[Data for review Boundary: Start]
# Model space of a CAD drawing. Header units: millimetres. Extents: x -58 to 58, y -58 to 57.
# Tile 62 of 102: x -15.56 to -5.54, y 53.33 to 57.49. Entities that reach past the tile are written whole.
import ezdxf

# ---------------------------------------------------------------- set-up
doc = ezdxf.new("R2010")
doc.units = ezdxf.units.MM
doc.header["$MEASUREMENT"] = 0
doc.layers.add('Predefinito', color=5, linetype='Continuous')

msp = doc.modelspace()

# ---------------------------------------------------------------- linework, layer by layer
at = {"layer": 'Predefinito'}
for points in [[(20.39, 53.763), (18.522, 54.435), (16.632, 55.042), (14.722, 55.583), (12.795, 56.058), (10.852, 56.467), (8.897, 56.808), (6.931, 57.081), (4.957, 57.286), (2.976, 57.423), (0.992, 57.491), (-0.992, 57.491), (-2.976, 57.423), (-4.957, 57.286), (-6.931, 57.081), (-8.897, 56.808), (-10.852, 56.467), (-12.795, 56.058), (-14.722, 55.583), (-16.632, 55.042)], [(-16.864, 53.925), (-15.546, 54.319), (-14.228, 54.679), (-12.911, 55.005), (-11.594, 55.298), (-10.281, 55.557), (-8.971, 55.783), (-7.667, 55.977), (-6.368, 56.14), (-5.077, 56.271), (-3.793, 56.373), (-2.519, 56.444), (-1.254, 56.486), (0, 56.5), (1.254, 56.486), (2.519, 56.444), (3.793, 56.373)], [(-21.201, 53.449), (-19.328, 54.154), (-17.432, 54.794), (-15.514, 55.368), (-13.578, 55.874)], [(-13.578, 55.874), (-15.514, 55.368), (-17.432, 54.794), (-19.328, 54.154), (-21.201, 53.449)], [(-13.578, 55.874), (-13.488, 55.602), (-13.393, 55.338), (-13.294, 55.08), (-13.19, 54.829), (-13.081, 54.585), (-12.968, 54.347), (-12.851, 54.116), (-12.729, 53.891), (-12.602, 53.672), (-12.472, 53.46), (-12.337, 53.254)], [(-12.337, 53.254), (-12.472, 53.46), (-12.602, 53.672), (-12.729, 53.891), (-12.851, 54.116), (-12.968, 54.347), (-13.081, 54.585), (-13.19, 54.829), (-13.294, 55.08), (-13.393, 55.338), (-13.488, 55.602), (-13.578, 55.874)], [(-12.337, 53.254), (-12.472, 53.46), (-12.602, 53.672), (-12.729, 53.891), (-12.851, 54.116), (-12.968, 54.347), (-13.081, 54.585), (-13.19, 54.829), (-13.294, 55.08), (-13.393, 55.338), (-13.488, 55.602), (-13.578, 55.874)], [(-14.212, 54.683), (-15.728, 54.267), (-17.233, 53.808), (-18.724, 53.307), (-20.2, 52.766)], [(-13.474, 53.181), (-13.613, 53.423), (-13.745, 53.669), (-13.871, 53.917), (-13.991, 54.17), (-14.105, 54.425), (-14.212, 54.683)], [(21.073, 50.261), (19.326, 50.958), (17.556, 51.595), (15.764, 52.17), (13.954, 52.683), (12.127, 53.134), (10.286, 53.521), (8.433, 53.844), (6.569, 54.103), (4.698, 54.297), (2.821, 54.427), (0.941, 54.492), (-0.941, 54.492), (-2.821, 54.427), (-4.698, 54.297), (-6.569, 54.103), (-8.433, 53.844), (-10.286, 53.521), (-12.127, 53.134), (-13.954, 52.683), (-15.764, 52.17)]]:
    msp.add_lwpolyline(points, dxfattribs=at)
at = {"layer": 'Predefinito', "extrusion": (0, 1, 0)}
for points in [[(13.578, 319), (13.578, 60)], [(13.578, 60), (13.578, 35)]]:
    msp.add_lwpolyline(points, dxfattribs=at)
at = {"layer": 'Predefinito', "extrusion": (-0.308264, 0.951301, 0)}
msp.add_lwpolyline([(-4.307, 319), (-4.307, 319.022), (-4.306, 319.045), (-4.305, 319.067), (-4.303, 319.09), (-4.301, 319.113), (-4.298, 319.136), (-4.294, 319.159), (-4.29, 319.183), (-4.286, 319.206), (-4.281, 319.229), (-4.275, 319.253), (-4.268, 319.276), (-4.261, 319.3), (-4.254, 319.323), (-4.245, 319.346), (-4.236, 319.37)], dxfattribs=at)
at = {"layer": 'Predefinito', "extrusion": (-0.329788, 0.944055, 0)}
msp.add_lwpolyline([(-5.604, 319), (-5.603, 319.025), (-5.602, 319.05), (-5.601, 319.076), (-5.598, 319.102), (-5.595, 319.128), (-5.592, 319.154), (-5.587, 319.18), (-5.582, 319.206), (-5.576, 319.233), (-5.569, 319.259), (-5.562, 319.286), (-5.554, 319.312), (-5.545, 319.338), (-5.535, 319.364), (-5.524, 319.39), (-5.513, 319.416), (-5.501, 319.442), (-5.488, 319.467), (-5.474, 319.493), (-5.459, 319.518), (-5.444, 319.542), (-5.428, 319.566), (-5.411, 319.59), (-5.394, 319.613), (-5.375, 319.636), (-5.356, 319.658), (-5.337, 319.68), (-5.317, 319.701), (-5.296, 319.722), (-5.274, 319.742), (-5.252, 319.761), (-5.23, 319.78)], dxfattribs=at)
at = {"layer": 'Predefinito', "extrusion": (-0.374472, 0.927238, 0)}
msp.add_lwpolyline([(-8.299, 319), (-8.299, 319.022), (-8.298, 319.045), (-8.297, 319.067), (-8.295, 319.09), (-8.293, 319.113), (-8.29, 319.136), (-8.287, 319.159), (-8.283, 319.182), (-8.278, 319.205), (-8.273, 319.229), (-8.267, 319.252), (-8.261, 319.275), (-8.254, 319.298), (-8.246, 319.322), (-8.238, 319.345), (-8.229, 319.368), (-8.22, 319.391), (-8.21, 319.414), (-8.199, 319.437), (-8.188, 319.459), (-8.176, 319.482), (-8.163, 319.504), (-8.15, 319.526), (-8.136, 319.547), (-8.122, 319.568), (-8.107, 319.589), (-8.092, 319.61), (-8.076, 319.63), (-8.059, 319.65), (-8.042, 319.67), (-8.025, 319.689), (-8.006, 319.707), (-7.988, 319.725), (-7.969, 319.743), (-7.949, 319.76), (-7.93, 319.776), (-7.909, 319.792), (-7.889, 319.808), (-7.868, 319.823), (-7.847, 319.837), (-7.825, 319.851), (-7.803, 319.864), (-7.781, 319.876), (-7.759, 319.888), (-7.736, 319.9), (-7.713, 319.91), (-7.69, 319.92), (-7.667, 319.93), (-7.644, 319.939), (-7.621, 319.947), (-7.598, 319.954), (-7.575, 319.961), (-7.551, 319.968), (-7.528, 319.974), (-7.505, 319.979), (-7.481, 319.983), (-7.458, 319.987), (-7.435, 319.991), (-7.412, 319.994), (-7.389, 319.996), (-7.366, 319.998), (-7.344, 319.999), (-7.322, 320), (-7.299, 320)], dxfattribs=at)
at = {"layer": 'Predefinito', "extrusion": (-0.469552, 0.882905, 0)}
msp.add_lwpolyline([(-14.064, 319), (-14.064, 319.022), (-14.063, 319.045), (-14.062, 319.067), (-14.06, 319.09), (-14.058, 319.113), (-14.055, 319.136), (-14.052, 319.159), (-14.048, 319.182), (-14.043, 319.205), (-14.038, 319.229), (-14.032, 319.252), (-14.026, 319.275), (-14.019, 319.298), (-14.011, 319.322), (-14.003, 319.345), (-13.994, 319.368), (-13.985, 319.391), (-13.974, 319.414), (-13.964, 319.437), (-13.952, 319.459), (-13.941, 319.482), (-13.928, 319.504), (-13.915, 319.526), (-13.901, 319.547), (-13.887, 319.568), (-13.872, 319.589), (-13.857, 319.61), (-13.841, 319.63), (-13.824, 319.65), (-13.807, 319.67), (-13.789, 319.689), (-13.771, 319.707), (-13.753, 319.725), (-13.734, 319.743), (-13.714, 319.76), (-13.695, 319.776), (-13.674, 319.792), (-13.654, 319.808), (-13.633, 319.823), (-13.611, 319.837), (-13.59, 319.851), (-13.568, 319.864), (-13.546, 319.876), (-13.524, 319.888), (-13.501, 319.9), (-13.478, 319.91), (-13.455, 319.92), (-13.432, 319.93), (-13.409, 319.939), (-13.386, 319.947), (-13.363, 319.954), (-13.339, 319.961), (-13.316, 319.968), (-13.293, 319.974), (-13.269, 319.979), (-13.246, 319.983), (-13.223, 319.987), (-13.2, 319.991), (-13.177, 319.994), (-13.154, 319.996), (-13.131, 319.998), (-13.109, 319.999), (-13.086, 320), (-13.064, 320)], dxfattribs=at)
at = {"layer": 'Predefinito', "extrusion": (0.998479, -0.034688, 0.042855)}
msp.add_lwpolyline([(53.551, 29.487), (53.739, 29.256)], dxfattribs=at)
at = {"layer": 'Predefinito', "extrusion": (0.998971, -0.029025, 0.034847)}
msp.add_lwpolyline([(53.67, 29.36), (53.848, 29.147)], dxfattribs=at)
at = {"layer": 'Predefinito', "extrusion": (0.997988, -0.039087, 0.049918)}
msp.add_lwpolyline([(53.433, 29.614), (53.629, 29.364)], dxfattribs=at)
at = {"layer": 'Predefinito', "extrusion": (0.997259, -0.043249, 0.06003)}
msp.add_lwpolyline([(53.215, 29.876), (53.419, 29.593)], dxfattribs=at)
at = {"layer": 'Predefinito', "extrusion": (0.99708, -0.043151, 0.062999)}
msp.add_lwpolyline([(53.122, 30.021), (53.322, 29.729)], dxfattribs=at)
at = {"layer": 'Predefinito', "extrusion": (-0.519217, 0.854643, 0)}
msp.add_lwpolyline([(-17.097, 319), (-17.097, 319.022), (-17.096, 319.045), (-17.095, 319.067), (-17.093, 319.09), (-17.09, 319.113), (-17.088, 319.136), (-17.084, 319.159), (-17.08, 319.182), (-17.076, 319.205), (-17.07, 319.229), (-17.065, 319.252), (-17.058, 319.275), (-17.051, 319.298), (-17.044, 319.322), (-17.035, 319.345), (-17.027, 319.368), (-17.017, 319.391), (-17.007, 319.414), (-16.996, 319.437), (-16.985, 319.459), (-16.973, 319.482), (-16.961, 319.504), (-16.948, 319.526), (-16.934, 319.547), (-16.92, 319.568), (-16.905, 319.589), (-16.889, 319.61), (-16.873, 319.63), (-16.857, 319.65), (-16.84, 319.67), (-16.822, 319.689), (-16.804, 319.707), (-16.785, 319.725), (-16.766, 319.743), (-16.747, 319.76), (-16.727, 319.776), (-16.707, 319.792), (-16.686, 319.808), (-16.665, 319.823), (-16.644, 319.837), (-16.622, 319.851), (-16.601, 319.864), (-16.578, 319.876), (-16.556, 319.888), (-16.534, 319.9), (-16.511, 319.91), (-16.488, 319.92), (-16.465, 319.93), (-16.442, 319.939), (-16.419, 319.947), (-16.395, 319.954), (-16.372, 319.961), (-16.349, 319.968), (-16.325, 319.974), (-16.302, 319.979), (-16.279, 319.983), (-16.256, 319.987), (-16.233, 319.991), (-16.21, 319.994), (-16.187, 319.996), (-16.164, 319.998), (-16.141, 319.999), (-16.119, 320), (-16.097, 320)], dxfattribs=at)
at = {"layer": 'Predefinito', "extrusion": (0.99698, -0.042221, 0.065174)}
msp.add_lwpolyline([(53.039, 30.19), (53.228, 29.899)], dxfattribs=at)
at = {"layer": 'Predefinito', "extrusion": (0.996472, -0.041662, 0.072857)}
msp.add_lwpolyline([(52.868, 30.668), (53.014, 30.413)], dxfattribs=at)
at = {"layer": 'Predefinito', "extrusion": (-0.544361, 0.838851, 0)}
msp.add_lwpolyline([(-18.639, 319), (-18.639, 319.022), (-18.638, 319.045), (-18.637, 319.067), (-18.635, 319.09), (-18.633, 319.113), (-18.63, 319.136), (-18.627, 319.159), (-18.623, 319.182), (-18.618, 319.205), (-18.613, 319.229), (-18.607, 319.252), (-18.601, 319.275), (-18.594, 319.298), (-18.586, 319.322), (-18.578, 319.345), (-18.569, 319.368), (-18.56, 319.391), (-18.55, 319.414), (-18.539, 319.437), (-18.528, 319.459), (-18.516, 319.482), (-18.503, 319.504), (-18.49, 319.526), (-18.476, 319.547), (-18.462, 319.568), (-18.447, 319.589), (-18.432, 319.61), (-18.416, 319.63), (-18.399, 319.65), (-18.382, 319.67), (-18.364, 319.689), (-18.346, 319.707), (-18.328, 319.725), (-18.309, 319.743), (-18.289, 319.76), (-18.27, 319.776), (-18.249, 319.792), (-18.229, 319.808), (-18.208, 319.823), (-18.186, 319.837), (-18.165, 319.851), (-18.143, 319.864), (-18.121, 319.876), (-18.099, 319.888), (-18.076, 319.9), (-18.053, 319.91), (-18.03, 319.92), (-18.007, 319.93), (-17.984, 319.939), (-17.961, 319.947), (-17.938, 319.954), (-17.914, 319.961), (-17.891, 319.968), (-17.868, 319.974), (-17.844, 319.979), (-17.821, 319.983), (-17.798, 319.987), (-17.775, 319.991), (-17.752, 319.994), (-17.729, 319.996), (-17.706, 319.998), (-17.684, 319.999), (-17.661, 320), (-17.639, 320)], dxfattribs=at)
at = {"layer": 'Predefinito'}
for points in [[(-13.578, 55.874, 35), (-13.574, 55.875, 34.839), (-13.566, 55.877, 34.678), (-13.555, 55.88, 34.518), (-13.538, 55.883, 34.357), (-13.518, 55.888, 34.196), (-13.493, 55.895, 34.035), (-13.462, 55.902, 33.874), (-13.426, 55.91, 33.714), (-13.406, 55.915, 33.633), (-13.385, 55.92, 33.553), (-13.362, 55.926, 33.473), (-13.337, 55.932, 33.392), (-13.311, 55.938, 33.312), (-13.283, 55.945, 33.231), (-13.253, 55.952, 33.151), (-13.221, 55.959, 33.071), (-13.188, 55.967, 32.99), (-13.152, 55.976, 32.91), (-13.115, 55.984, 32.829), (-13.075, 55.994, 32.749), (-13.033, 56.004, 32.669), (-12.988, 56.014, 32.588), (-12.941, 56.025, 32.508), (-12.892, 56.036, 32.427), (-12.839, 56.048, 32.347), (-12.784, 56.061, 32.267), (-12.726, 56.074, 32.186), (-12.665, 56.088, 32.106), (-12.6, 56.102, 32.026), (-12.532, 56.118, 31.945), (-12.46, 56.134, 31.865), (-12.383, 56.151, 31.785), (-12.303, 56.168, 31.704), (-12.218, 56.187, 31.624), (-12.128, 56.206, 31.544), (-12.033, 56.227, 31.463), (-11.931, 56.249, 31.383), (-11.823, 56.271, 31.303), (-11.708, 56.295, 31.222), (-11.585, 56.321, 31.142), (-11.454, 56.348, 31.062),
[Data for review Boundary: End]
**Task brief:** Search the listing for the word "ezdxf". Copy every line in which it occurs.

**Written response:**
import ezdxf
doc = ezdxf.new("R2010")
doc.units = ezdxf.units.MM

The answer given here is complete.